# New OTA [d2vzw]



## Goose306 (Sep 12, 2011)

Just a heads up, sure probably most of you saw this on Droid-Life and similar, but there is a new OTA coming, adds Verizon Remote Support. A new locked bootloader hasn't been announced with it of course, but I wouldn't be surprised if it was a "feature"

Also, apparently it is auto-installing.

If you are on a custom ROM you are A-OK as they have the FWUpgrader deleted, otherwise freeze that app and call it good.

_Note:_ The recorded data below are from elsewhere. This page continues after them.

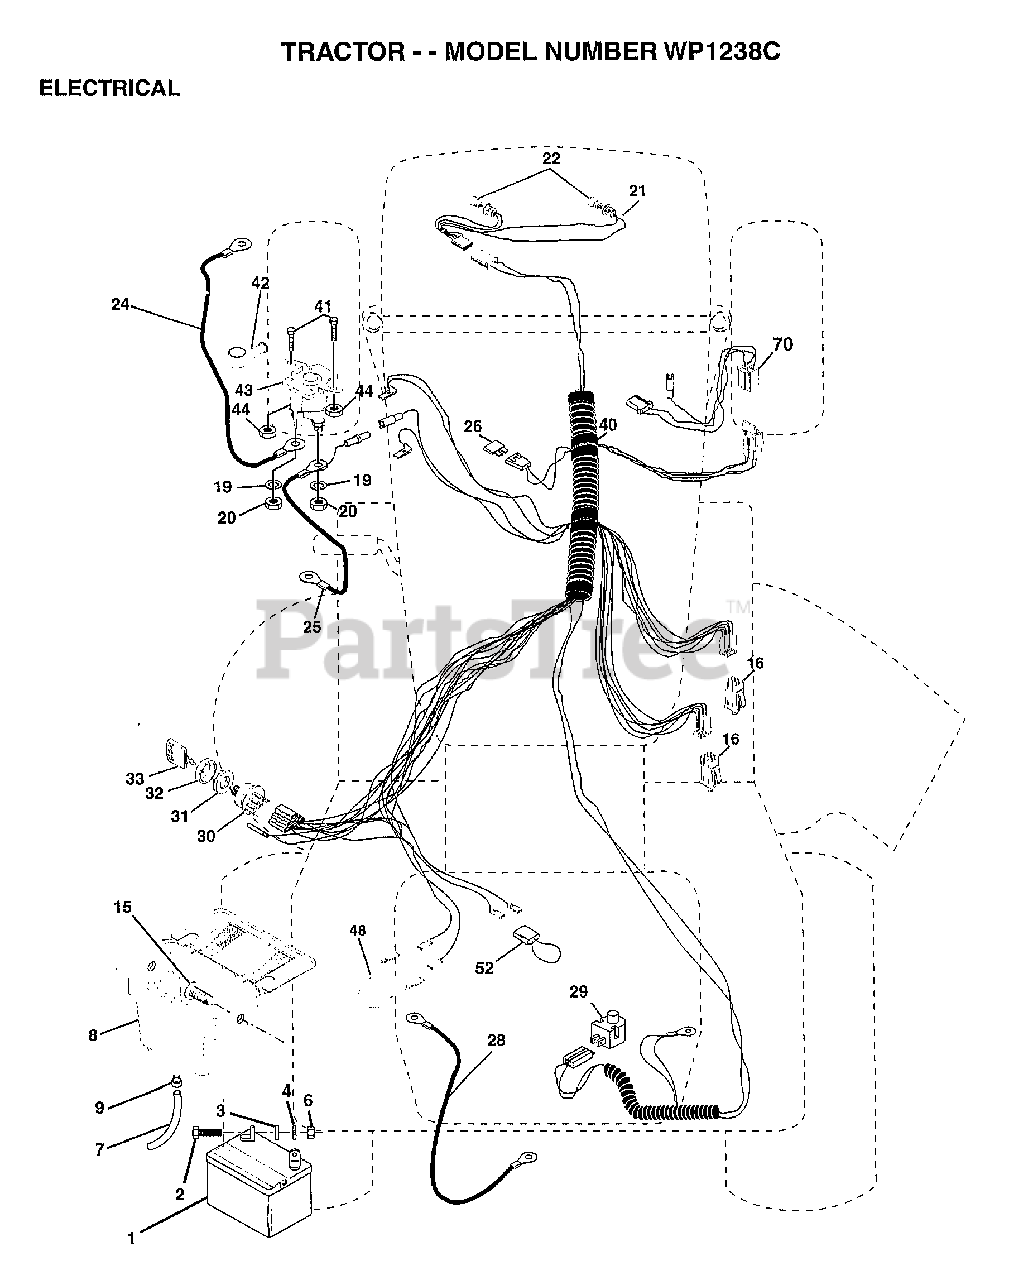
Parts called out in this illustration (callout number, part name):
2	BOLT LT
3	WASHER
4	LOCKWASHER
7	TUBE T
8	"CASE,BATTERY.MECH"
9	HOSE CLAMP T
15	FASTNER.SNAP-IN
16	SWITCH INTERLOCK
20	NUT
21	"HARNESS,LIGHT SOC"
22	HEADLAMP BULB
24	"CABLE T, BATTERY"
25	CABLE.BTRY.6GA.RD
26	FUSE HYT
28	CABLE T
29	SWITCH SEAT
30	SWITCH IGN 4POS
31	NUT IGNITION
32	COVER KEY SWITCH
33	KEY
40	HARNESS-IGNITION
41	BOLT HXHD FIN
44	NUT HXKEP 1/4X20
48	ADAPTER AMMETER
52	PROTECTION LOOP
70	HARNESS ENG DUAL

And if you have your bootloader unlocked NEVER OTA.

News / User got autoupdate:
http://www.s3forums.....html#post31495

*Edit:* If you get the OTA message and it says its downloaded and trying to install, if you don't mind -

Root it if you haven't already.

Go into cache and find the OTA .zip. Upload it somewhere.

Post the link here.

????

Profit!

After uploading the OTA .zip elsewhere you can wipe your cache to delete the downloaded file.


----------



## CodeInVB (Jun 13, 2011)

According to the next post we should go to xda for it....fine.


----------



## marcucci217 (Oct 21, 2011)

Lol some people must really hate xda here...

The discussion has gone into much detail there and the update.zip could be found there almost immediately after it was pushed to phones on the east coast.

I'm guessing many people here aren't too concerned about the new update because nearly everyone has a custom rom on their device?


----------



## Goose306 (Sep 12, 2011)

Bump this as I haven't seen it reported yet:

Just ODIN'ed back to stock and took OTA.

We can still root using debugfsroot and we can still bootloader unlock (I did via Casual) I am now running CM10 on latest OTA. FWIW.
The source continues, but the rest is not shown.